Skład Legii: Mateusz Siedlecki (Bartek Koncki) - Oskar Szmołda (Kamil Słoń), Arek Najemski, Marcel Gorczyca (Kamil Morawski), Mateusz Baranowski - Michał Suchanek (Kpt), Mateusz Kostylew, Michał Podsiadło, Eryk Rakowski - Rafał Makowski, Kevin Ozga (Przemek Marusiak)
Trener: Radosław Boczek

Początek meczu nie zapowiadał szczególnych sensacji. Goście bronili się dość mądrze, nie zagrażali jednak zbytnio bramce strzeżonej przez Mateusza Siedleckiego. Legioniści mogli zdobyć bramkę, jednak Eryk Rakowski minimalnie spudłował po wejściu z lewej strony. W 15. minucie zbyt lekko uderzył Oskar Szmołda, a w kolejnej akcji minimalnie spudłował Rafał Makowski. W tym czasie jednak z nieba zaczęły płynąć strugi deszczu, które po kilku minutach osiągnęły wielką intensywność. Gdy oprócz deszczu z nieba zaczęły spadać centymetrowej wielkości kulki gradu, arbiter zdecydował się przerwać pojedynek. Ponieważ z uwagi na remont płyty rozegranie meczu w innym terminie byłoby trudne i kosztowne, oraz z uwagi na stopniowo coraz mniejszą intensywność opadów, po dłuższej przerwie postanowiono kontynuować pojedynek.

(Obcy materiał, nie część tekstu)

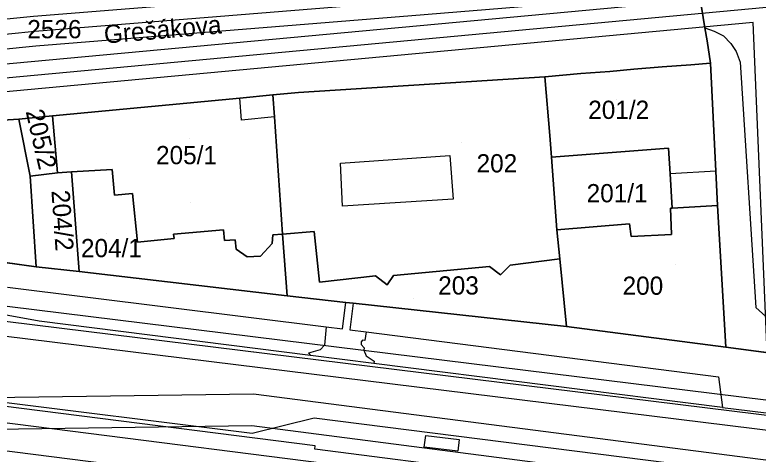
# Model space of a CAD drawing. Extents: x -263423 to -261326, y -1240067 to -1237864.
# Drawn here: x -263115.3 to -263033.7, y -1240015.3 to -1239967.1 of the extents above; entities that cross this region are included whole.
import ezdxf

# ---------------------------------------------------------------- set-up
doc = ezdxf.new("R2010")
doc.units = 0
for name, color, linetype in [('body_kn', 7, 'Continuous'), ('kladpar_druhypozemkov', 7, 'Continuous'), ('kladpar_hranice', 7, 'Continuous'), ('kladpar_parcelnecisla', 7, 'Continuous'), ('kladpar_plochy', 7, 'Continuous'), ('linie', 7, 'Continuous'), ('popisy', 7, 'Continuous'), ('tarchy_linie', 7, 'Continuous'), ('zappar_hrandruhpozemk', 7, 'Continuous'), ('znacky', 7, 'Continuous')]:
    doc.layers.add(name, color=color, linetype=linetype)

msp = doc.modelspace()

# ---------------------------------------------------------------- linework, layer by layer
at = {"layer": 'body_kn'}
for p, q in [((-263113.26, -1239967.22), (-263113.26, -1239967.22)), ((-263071.74, -1239967.17), (-263071.74, -1239967.17)), ((-263039.54, -1239968.47), (-263039.54, -1239968.47)), ((-263039.54, -1239968.47), (-263039.54, -1239968.47)), ((-263034.24, -1239967.9), (-263034.24, -1239967.9)), ((-263113.13, -1239968.86), (-263113.13, -1239968.86)), ((-263038.53, -1239968.85), (-263038.53, -1239968.85)), ((-263037.51, -1239969.37), (-263037.51, -1239969.37)), ((-263039.3, -1239969.93), (-263039.3, -1239969.93)), ((-263036.68, -1239970.2), (-263036.68, -1239970.2)), ((-263113, -1239970.5), (-263113, -1239970.5)), ((-263036.11, -1239971.1), (-263036.11, -1239971.1)), ((-263041.09, -1239972.54), (-263041.09, -1239972.54)), ((-263038.92, -1239972.36), (-263038.92, -1239972.36)), ((-263035.67, -1239972.24), (-263035.67, -1239972.24)), ((-263049.97, -1239973.26), (-263049.97, -1239973.26)), ((-263047.35, -1239973.02), (-263047.35, -1239973.02)), ((-263044.22, -1239972.78), (-263044.22, -1239972.78)), ((-263057.11, -1239973.87), (-263057.11, -1239973.87)), ((-263057.11, -1239973.87), (-263057.11, -1239973.87)), ((-263053.16, -1239973.5), (-263053.16, -1239973.5)), ((-263086.98, -1239975.83), (-263086.98, -1239975.83)), ((-263084.18, -1239975.59), (-263084.18, -1239975.59)), ((-263090.62, -1239976.19), (-263090.62, -1239976.19)), ((-263090.62, -1239976.19), (-263090.62, -1239976.19)), ((-263111.18, -1239978.14), (-263111.18, -1239978.14)), ((-263111.18, -1239978.14), (-263111.18, -1239978.14)), ((-263086.81, -1239978.25), (-263086.81, -1239978.25)), ((-263086.81, -1239978.25), (-263086.81, -1239978.25)), ((-263114.88, -1239978.5), (-263114.88, -1239978.5)), ((-263114.88, -1239978.5), (-263114.88, -1239978.5)), ((-263090.44, -1239978.62), (-263090.44, -1239978.62)), ((-263056.57, -1239980.31), (-263056.57, -1239980.31)), ((-263043.52, -1239981.68), (-263043.52, -1239981.68)), ((-263067.55, -1239982.49), (-263067.55, -1239982.49)), ((-263056.39, -1239982.67), (-263056.39, -1239982.67)), ((-263104.63, -1239984.03), (-263104.63, -1239984.03)), ((-263079.55, -1239983.32), (-263079.55, -1239983.32)), ((-263079.55, -1239983.32), (-263079.55, -1239983.32)), ((-263113.64, -1239984.76), (-263113.64, -1239984.76)), ((-263110.64, -1239984.39), (-263110.64, -1239984.39)), ((-263110.64, -1239984.39), (-263110.64, -1239984.39)), ((-263109.1, -1239984.27), (-263109.1, -1239984.27)), ((-263043.35, -1239984.52), (-263043.35, -1239984.52)), ((-263038.35, -1239984.2), (-263038.35, -1239984.2)), ((-263038.35, -1239984.2), (-263038.35, -1239984.2)), ((-263104.39, -1239986.84), (-263104.39, -1239986.84)), ((-263102.41, -1239986.66), (-263102.41, -1239986.66)), ((-263067.19, -1239987.27), (-263067.19, -1239987.27)), ((-263079.32, -1239988.04), (-263079.32, -1239988.04)), ((-263038.17, -1239987.98), (-263038.17, -1239987.98)), ((-263043.33, -1239988.28), (-263043.33, -1239988.28)), ((-263043.12, -1239988.27), (-263043.12, -1239988.27)), ((-263043.12, -1239988.27), (-263043.12, -1239988.27)), ((-263047.81, -1239989.98), (-263047.81, -1239989.98)), ((-263097.9, -1239991.14), (-263097.9, -1239991.14)), ((-263092.41, -1239990.66), (-263092.41, -1239990.66)), ((-263086.99, -1239991.2), (-263086.99, -1239991.2)), ((-263085.91, -1239991.14), (-263085.91, -1239991.14)), ((-263082.46, -1239990.83), (-263082.46, -1239990.83)), ((-263055.79, -1239990.64), (-263055.79, -1239990.64)), ((-263047.62, -1239991.38), (-263047.62, -1239991.38)), ((-263043.22, -1239991.15), (-263043.22, -1239991.15)), ((-263043.22, -1239991.15), (-263043.22, -1239991.15)), ((-263101.86, -1239992.02), (-263101.86, -1239992.02)), ((-263097.84, -1239991.59), (-263097.84, -1239991.59)), ((-263097.84, -1239991.59), (-263097.84, -1239991.59)), ((-263092.29, -1239991.81), (-263092.29, -1239991.81)), ((-263091.14, -1239991.75), (-263091.14, -1239991.75)), ((-263087.06, -1239992.15), (-263087.06, -1239992.15)), ((-263091.02, -1239992.77), (-263091.02, -1239992.77)), ((-263089.81, -1239993.6), (-263089.81, -1239993.6)), ((-263088.34, -1239993.55), (-263088.34, -1239993.55)), ((-263055.48, -1239993.83), (-263055.48, -1239993.83)), ((-263063.21, -1239994.69), (-263063.21, -1239994.69)), ((-263063.21, -1239994.69), (-263063.21, -1239994.69)), ((-263060.91, -1239994.51), (-263060.91, -1239994.51)), ((-263112.98, -1239994.71), (-263112.98, -1239994.71)), ((-263108.26, -1239995.24), (-263108.26, -1239995.24)), ((-263075.72, -1239995.71), (-263075.72, -1239995.71)), ((-263073.74, -1239995.66), (-263073.74, -1239995.66)), ((-263062, -1239995.58), (-263062, -1239995.58)), ((-263081.85, -1239996.38), (-263081.85, -1239996.38)), ((-263074.45, -1239996.67), (-263074.45, -1239996.67)), ((-263085.43, -1239997.9), (-263085.43, -1239997.9)), ((-263078.96, -1239998.61), (-263078.96, -1239998.61)), ((-263078.18, -1239998.7), (-263078.18, -1239998.7)), ((-263078.18, -1239998.7), (-263078.18, -1239998.7)), ((-263033.93, -1239999.16), (-263033.93, -1239999.16)), ((-263033.93, -1239999.16), (-263033.93, -1239999.16)), ((-263112.66, -1240000.67), (-263112.66, -1240000.67)), ((-263081.12, -1240001.29), (-263081.12, -1240001.29)), ((-263079.35, -1240001.53), (-263079.35, -1240001.53)), ((-263078.54, -1240001.63), (-263078.54, -1240001.63)), ((-263076.72, -1240001.83), (-263076.72, -1240001.83)), ((-263076.72, -1240001.83), (-263076.72, -1240001.83)), ((-263054.74, -1240001.27), (-263054.74, -1240001.27)), ((-263077.13, -1240002.77), (-263077.13, -1240002.77)), ((-263076.89, -1240002.81), (-263076.89, -1240002.81)), ((-263081.33, -1240003.29), (-263081.33, -1240003.29)), ((-263077.27, -1240002.94), (-263077.27, -1240002.94)), ((-263077.27, -1240003.25), (-263077.27, -1240003.25)), ((-263076.97, -1240003.58), (-263076.97, -1240003.58)), ((-263037.25, -1240003.54), (-263037.25, -1240003.54)), ((-263083.06, -1240004.17), (-263083.06, -1240004.17)), ((-263082.84, -1240004.45), (-263082.84, -1240004.45)), ((-263082.84, -1240004.45), (-263082.84, -1240004.45)), ((-263081.8, -1240003.83), (-263081.8, -1240003.83)), ((-263077, -1240003.87), (-263077, -1240003.87)), ((-263076.72, -1240004.49), (-263076.72, -1240004.49)), ((-263075.9, -1240005.31), (-263075.9, -1240005.31)), ((-263075.9, -1240005.31), (-263075.9, -1240005.31)), ((-263075.86, -1240005.06), (-263075.86, -1240005.06)), ((-263038.05, -1240006.77), (-263038.05, -1240006.77)), ((-263089.1, -1240008.68), (-263089.1, -1240008.68)), ((-263037.59, -1240010.14), (-263037.59, -1240010.14)), ((-263082.45, -1240011.29), (-263082.45, -1240011.29)), ((-263089.3, -1240012.13), (-263089.3, -1240012.13)), ((-263089.25, -1240012.96), (-263089.25, -1240012.96)), ((-263070.2, -1240013.2), (-263070.2, -1240013.2)), ((-263070.2, -1240013.2), (-263070.2, -1240013.2)), ((-263066.54, -1240013.65), (-263066.54, -1240013.65)), ((-263082.37, -1240014.72), (-263082.37, -1240014.72)), ((-263082.32, -1240014.35), (-263082.32, -1240014.35)), ((-263070.36, -1240014.49), (-263070.36, -1240014.49)), ((-263066.69, -1240014.94), (-263066.69, -1240014.94))]:
    msp.add_line(p, q, dxfattribs=at)
at = {"layer": 'kladpar_druhypozemkov'}
for p, q in [((-263109.99, -1239968), (-263109.99, -1239968)), ((-263049.23, -1239976.3), (-263049.23, -1239976.3)), ((-263096.11, -1239980.65), (-263096.11, -1239980.65)), ((-263062.41, -1239982.25), (-263062.41, -1239982.25)), ((-263111.43, -1239982.58), (-263111.43, -1239982.58)), ((-263049.51, -1239985.99), (-263049.51, -1239985.99)), ((-263110.81, -1239986.67), (-263110.81, -1239986.67)), ((-263105.21, -1239991.05), (-263105.21, -1239991.05)), ((-263046.23, -1239995.48), (-263046.23, -1239995.48)), ((-263071.56, -1239998.13), (-263071.56, -1239998.13))]:
    msp.add_line(p, q, dxfattribs=at)
at = {"layer": 'kladpar_hranice'}
for points in [[(-263041.28, -1239957.81), (-263039.54, -1239968.47), (-263039.3, -1239969.93), (-263038.92, -1239972.36), (-263041.09, -1239972.54), (-263044.22, -1239972.78), (-263047.35, -1239973.02), (-263049.97, -1239973.26), (-263053.16, -1239973.5), (-263057.11, -1239973.87), (-263084.18, -1239975.59), (-263086.98, -1239975.83), (-263090.62, -1239976.19), (-263111.18, -1239978.14), (-263114.88, -1239978.5), (-263126.49, -1239979.23), (-263141.92, -1239980.45), (-263141.92, -1239978.54), (-263141.99, -1239976.76), (-263142.19, -1239966.77)], [(-263027.8, -1240004.77), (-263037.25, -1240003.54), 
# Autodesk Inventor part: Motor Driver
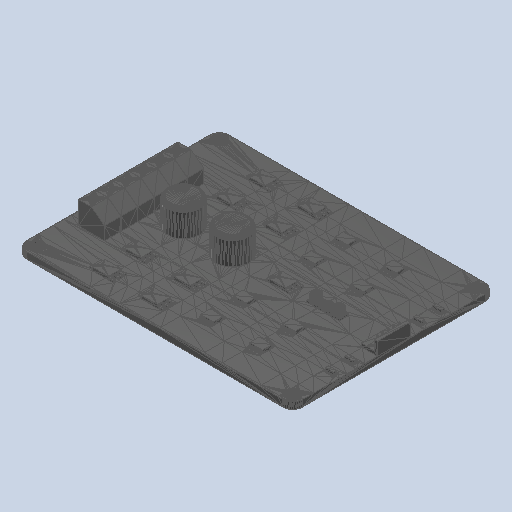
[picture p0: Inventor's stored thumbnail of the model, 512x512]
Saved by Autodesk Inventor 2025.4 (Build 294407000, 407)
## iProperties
Created: 2026-09
Part Number: Motor Driver
Material: Genérico
Document SubType Name: Modeling
Designer: usuario
Density: 1 g/cm^3
Appearance: Valor por defecto
Author: usuario
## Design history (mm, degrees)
node "Motor Driver"
  node "MeshFeature1"
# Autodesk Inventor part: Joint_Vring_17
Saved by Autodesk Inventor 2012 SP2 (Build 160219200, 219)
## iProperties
Created: 2013-04
Part Number: Joint_Vring_17
Material: Default
Document SubType Name: Modeling
Designer: papa
Density: 1 g/cm^3
Mass: 0.810151 g
Surface Area: 12.5756 cm^2
Volume: 0.810151 cm^3
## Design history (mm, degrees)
node "Joint_Vring_171"
node "Joint_Vring_17"
node "Base1"

Legioniści przyjęli jedyną możliwą taktykę unikania gry ziemią i oddawali możliwie dużo strzałów z dystansu. Dała ona szybki efekt, gdyż już po kilku minutach gole zdobyli Makowski i Kevin Ozga. Również po przerwie festiwal bramkowy trwał - dwukrotnie na listę strzelców wpisał się kapitan drużyny Michał Suchanek. Mimo fatalnych warunków, we wciąż padającym deszczu i kałużach zatrzymujących bieg piłki, nasi zawodnicy starali się przedzierać do przodu. Na kilkanaście minut przed końcem na 5-0 podwyższył Arek Najemski, w słupek trafił Suchanek i wydawało się, że jest już "po meczu". Gracze Wilgi pokazali jednak, że nie brakuje im umiejętności i po ładnej trójkowej akcji prawym skrzydłem zdobyli gola honorowego. Odopiwedź była błyskawiczna - nie minęło półtorej minuty, a prawą stroną przedarł się Przemek Marusiak, który uderzając z ostrego kąta między nogami bramkarza podwyższył na 6-1. Podwyższyć mogli jeszcze Baranowski i Makowski, jednak strzał tego ostatniego o centymetry minął słupek.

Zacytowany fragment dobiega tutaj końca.